Always available to answer pig questions.

Also we can schedule a farm visit if you want to meet some of our pigs.

Shannon
Diamond Wire Farms KuneKune Pigs


----------



## Harbisgirl (Oct 21, 2013)

Good thread. We were in the same place but settled on AGHs based on the pocketbook. In my area, Kune Kunes are hard to find and crazy expensive so they were simply priced out of our budget. AGHs are much more reasonably priced and are really gaining in popularity in my area so it is easier to find breeding stock to start with, and also down the road I know there will be new breeding lines readily available. I know several people who have them and they are super sweet and affectionate, they're like dogs  We haven't made the plunge yet but plan to within the next year or so. I can't wait.


----------



## DiamondKKs (Oct 21, 2013)

Harbisgirl, you should come for a visit. We are in Placerville and I have full KuneKunes one the ground now and a litter of AGH/KK crosses due in November.


----------



## PaintedPrettyFarm (Dec 10, 2013)

Hello, We currently have two KuneKune (KK's) and live in Phoenix Arizona. We have never raised any other pigs so I don't have any comparison. But I can tell you alot about KK's. They are absolutely wonderful. We got two young gilts and have had them for 4 months now. They are incredibly sweet. Our girls are currently sharing a part of our backyard. One VERY nice aspect about KK's is that they do not rut like other pigs do. KK's are very content to graze on top grass. We add pig grain and fruits and vegetables. We have a fence that seperates the pigs from out Bulldogs but we open up the gate and let them be together. We slowly introduced the dogs and the pigs and now they just hang out together. Check out the American KuneKune Pig Registry for a list of breeders in the states and tons of information. Choose KuneKune !


----------



## Phe (Jan 2, 2014)

Do male mini pigs grown tusks even when they are fixed?


----------



## LauraInPA (Apr 1, 2015)

Sorry to bump such an old thread (new here and just browsing), but these are the two breeds I am really looking into as well. I am leaning towards AGHs because I could start out with a trio or so for the cost of one KK and also the solid black appeals to me as far as not getting as attached goes when it is time to sell/butcher. 

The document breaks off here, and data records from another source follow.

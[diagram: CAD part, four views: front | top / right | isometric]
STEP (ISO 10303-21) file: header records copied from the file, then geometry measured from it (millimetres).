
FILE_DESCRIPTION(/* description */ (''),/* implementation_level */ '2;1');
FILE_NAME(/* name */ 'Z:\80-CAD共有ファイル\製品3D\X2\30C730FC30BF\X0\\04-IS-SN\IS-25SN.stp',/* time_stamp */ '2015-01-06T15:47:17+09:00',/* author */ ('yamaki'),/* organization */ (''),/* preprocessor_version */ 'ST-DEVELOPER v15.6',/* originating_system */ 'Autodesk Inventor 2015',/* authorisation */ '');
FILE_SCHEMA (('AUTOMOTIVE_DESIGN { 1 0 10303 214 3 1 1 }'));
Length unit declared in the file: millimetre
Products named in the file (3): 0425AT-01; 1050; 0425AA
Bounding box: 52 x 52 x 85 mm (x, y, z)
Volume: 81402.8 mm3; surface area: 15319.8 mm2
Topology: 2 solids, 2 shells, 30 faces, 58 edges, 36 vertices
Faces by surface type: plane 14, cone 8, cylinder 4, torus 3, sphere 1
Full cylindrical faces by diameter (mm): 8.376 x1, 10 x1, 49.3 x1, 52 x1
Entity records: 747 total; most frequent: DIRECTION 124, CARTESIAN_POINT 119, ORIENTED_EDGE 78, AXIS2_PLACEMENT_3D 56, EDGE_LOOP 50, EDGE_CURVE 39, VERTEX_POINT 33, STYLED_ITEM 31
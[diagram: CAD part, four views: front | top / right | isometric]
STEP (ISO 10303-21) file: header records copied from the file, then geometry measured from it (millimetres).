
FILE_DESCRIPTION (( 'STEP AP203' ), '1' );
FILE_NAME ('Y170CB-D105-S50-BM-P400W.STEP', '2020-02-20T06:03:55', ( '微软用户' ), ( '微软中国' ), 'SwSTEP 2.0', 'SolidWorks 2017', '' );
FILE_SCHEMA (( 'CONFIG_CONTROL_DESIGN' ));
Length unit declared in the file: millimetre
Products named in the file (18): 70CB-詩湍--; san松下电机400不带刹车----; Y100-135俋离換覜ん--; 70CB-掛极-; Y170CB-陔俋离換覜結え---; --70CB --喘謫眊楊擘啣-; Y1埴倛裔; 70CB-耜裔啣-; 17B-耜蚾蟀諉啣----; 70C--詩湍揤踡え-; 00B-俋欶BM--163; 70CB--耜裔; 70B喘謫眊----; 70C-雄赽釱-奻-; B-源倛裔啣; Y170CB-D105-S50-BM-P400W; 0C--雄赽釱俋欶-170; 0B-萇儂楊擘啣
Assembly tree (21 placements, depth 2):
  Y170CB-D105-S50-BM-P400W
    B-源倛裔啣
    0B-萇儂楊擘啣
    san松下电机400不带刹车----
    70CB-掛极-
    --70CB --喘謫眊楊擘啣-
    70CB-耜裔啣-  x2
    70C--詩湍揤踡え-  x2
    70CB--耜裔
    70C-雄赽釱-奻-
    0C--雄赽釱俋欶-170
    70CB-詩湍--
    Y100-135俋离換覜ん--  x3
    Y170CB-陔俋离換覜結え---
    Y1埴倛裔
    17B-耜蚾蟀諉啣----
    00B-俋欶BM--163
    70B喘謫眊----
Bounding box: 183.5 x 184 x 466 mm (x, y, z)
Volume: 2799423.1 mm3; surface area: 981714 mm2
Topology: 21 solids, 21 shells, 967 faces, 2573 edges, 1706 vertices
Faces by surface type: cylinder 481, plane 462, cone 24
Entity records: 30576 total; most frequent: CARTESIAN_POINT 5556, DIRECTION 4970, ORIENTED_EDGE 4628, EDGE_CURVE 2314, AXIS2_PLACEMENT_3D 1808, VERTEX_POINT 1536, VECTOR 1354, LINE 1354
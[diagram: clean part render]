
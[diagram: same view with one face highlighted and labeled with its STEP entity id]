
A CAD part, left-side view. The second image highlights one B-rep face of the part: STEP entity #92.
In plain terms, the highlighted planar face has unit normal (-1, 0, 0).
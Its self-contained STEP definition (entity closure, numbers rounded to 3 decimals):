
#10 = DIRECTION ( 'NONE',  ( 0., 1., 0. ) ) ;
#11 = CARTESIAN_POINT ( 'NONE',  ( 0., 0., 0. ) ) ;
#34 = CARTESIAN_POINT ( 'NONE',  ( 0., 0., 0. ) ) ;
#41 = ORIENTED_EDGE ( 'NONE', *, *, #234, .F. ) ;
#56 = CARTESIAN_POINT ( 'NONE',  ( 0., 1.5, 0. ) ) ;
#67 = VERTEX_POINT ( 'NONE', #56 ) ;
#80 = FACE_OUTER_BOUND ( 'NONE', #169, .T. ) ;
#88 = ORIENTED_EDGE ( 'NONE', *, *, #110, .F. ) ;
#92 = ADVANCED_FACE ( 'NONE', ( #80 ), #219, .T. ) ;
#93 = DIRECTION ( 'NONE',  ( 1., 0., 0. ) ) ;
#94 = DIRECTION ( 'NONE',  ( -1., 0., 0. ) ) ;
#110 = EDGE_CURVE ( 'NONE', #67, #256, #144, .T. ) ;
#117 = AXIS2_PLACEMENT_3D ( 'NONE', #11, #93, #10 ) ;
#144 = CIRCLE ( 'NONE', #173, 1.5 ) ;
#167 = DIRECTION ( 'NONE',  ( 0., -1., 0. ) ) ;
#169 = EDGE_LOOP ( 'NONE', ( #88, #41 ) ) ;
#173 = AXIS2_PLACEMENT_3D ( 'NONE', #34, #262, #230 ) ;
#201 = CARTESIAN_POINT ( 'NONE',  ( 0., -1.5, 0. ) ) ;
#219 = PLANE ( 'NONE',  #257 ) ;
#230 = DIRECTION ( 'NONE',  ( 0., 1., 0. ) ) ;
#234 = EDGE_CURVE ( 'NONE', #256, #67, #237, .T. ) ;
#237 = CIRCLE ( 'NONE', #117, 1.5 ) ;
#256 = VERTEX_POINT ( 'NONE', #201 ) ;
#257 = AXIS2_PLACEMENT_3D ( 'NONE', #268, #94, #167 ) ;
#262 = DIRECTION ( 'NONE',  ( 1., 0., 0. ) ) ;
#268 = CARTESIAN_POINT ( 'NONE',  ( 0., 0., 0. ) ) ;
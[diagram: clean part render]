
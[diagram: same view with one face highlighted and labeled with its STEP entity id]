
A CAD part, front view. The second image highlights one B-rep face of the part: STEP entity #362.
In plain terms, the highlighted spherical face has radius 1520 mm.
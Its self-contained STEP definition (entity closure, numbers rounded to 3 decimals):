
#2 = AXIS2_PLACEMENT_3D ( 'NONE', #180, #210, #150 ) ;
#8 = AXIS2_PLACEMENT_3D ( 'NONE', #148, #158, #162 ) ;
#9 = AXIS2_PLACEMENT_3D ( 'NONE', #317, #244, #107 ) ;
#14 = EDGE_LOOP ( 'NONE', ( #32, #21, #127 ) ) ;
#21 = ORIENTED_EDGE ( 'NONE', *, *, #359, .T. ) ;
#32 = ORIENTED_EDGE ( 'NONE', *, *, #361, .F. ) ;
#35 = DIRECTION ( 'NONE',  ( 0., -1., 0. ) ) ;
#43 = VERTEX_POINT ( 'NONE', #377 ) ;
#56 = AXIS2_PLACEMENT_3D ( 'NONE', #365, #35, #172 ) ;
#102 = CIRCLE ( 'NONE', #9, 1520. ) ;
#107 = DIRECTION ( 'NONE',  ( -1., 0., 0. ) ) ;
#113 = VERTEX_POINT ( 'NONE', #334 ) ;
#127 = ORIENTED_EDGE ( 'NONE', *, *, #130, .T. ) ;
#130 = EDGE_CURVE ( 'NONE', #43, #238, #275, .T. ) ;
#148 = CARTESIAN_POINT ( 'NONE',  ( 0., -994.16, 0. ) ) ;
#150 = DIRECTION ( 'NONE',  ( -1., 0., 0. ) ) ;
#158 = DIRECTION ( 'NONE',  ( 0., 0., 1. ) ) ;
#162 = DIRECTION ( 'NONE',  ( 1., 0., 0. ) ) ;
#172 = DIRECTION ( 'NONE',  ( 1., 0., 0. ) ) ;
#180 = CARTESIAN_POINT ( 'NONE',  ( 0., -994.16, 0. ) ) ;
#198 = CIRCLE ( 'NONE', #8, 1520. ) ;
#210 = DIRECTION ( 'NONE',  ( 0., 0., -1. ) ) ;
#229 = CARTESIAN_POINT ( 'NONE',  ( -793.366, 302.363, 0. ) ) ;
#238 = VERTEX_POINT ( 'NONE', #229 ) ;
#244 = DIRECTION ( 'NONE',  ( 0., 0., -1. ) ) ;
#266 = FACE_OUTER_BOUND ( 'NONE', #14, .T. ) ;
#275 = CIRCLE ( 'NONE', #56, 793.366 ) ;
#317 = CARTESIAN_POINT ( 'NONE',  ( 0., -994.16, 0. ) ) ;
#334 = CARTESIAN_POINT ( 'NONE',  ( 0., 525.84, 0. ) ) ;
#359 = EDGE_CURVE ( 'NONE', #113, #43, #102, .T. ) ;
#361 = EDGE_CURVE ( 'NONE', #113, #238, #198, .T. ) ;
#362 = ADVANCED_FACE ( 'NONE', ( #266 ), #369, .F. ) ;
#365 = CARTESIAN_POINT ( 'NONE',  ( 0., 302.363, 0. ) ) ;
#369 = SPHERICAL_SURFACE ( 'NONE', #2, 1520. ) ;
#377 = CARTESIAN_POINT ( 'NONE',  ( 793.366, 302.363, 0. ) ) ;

Is the rooting really that much worse with AGHs? Also, what are the space requirements for 2-3? Hoping to have a big enough area and well maintained enough that it doesn't get too nasty. I am fine with bedding it down with straw if needed, just don't want a total slop hole


----------



## Baymule (Jul 14, 2015)

Good thread! I am almost ready for pigs and was wondering this very thing. I had decided to go with kune kune's because they root less. They sound like a great small homestead hog.


----------